Erdős Problem 402

Reference: erdosproblems.com/402

theorem erdos_402 (A : Finset ℕ) (h₁ : 0 ∉ A) (h₂ : A.Nonempty) : ∃ a ∈ A, ∃ b ∈ A, ↑(a.gcd b) ≤ ↑a / ↑A.card

Prove that, for any finite set $A\subset\mathbb{N}$, there exist $a, b\in A$ such that $$ \gcd(a, b)\leq a/|A|. $$

theorem erdos_402.variants.equality (A : Finset ℕ) (h₁ : 0 ∉ A) (h₂ : A.Nonempty) (hA : ∀ (n : ℕ), A ≠ Finset.Icc 1 n ∧ A ≠ Finset.image (fun (i : ℕ) => (Finset.Icc 1 n).lcm id / i) (Finset.Icc 1 n) ∧ A ≠ {2, 3, 4, 6}) : ∃ a ∈ A, ∃ b ∈ A, ↑(a.gcd b) < ↑a / ↑A.card

A conjecture of Graham [Gr70], who also conjectured that (assuming $A$ itself has no common divisor) the only cases where equality is achieved are when $A = \{1, ..., n\}$ or $\{L/1, ..., L/n\}$ (where $L = \operatorname{lcm}(1, ..., n)$) or $\{2, 3, 4, 6\}$. Note: The source [BaSo96] mentioned on the Erdős page makes it clear what quantfiers to use for "where equality is achieved". See Theorem 1.1 there.
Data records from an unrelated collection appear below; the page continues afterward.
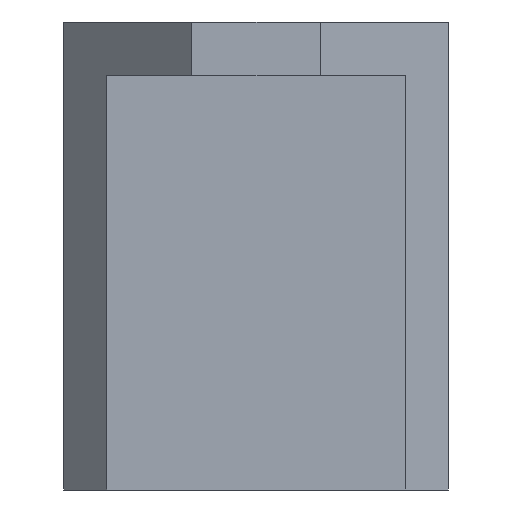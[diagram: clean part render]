
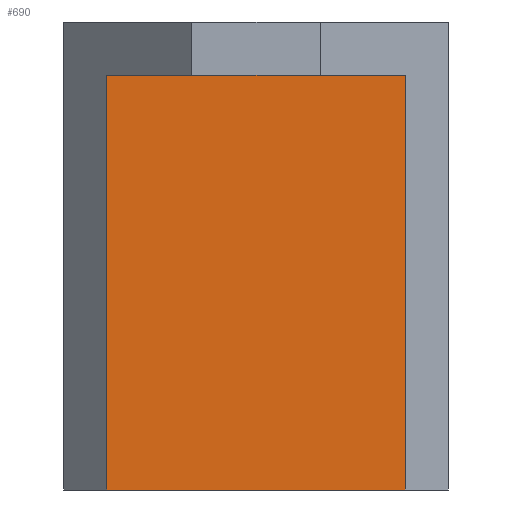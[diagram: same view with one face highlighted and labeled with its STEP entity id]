
A CAD part, left-side view. The second image highlights one B-rep face of the part: STEP entity #690.
In plain terms, the highlighted planar face has unit normal (-1, 0, 0).
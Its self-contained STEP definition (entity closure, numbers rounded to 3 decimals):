
#282=CARTESIAN_POINT('Vertex',(-15.5,-7.,23.223)) ;
#296=CARTESIAN_POINT('Vertex',(-15.5,7.,23.223)) ;
#299=CARTESIAN_POINT('Line Origine',(-15.5,0.,23.223)) ;
#341=CARTESIAN_POINT('Line Origine',(-15.5,-7.,14.762)) ;
#345=CARTESIAN_POINT('Vertex',(-15.5,-7.,3.8)) ;
#397=CARTESIAN_POINT('Vertex',(-15.5,7.,3.8)) ;
#400=CARTESIAN_POINT('Line Origine',(-15.5,7.,14.762)) ;
#674=CARTESIAN_POINT('Axis2P3D Location',(-15.5,9.,0.)) ;
#679=CARTESIAN_POINT('Line Origine',(-15.5,0.,3.8)) ;
#301=VECTOR('Line Direction',#300,1.) ;
#343=VECTOR('Line Direction',#342,1.) ;
#402=VECTOR('Line Direction',#401,1.) ;
#681=VECTOR('Line Direction',#680,1.) ;
#300=DIRECTION('Vector Direction',(0.,1.,0.)) ;
#342=DIRECTION('Vector Direction',(0.,0.,-1.)) ;
#401=DIRECTION('Vector Direction',(0.,0.,-1.)) ;
#675=DIRECTION('Axis2P3D Direction',(-1.,0.,0.)) ;
#676=DIRECTION('Axis2P3D XDirection',(-0.,-1.,0.)) ;
#680=DIRECTION('Vector Direction',(0.,1.,0.)) ;
#677=AXIS2_PLACEMENT_3D('Plane Axis2P3D',#674,#675,#676) ;
#302=LINE('Line',#299,#301) ;
#344=LINE('Line',#341,#343) ;
#403=LINE('Line',#400,#402) ;
#682=LINE('Line',#679,#681) ;
#678=PLANE('',#677) ;
#303=EDGE_CURVE('',#283,#297,#302,.T.) ;
#347=EDGE_CURVE('',#283,#346,#344,.T.) ;
#404=EDGE_CURVE('',#398,#297,#403,.F.) ;
#683=EDGE_CURVE('',#346,#398,#682,.T.) ;
#685=ORIENTED_EDGE('',*,*,#303,.T.) ;
#686=ORIENTED_EDGE('',*,*,#404,.F.) ;
#687=ORIENTED_EDGE('',*,*,#683,.F.) ;
#688=ORIENTED_EDGE('',*,*,#347,.F.) ;
#684=EDGE_LOOP('',(#685,#686,#687,#688)) ;
#283=VERTEX_POINT('',#282) ;
#297=VERTEX_POINT('',#296) ;
#346=VERTEX_POINT('',#345) ;
#398=VERTEX_POINT('',#397) ;
#690=ADVANCED_FACE('\X2\FF8AFF9FFF70FF82\X0\ \X2\FF8EFF9EFF83FF9EFF68FF70\X0\',(#689),#678,.T.) ;
#689=FACE_OUTER_BOUND('',#684,.T.) ;

TODO(firsching): Consider if we should have the other direction here as well or an iff statement.

theorem erdos_402.variants.szegedy_zaharescu_weak : ∀ᶠ (n : ℕ) in Filter.atTop, ∀ (A : Finset ℕ), A.card = n → 0 ∉ A → (n ≤ (A ×ˢ A).sup fun (x : ℕ × ℕ) => x.1 / x.1.gcd x.2) ∧ ((n = (A ×ˢ A).sup fun (x : ℕ × ℕ) => x.1 / x.1.gcd x.2) ↔ ∃ k > 0, A = Finset.image (fun (x : ℕ) => k * x) (Finset.Icc 1 n) ∨ A = Finset.image (fun (x : ℕ) => k * (Finset.Icc 1 n).lcm id / x) (Finset.Icc 1 n))

Proved for all sufficiently large sets (including the sharper version which characterises the case of equality) independently by Szegedy [Sz86] and Zaharescu [Za87]. The following is taken from [Sz86].

There exists an effectively computable $n_0$ with the following properties: (i) if $n\geq n_0$ and $a_1, a_2, ..., a_n$ are distinct natural numbers then $\max_{i, j} \frac{a_i}{(a_i, a_j)} \geq n$. (ii) If equality holds then the system $\{a_1, a_2, ..., a_n\}$ is either of the type $\{k, 2k, ..., nk\}$ or of the type $\left\{\frac{k}{1}, \frac{k}{2}, ..., \frac{k}{n}\right\}$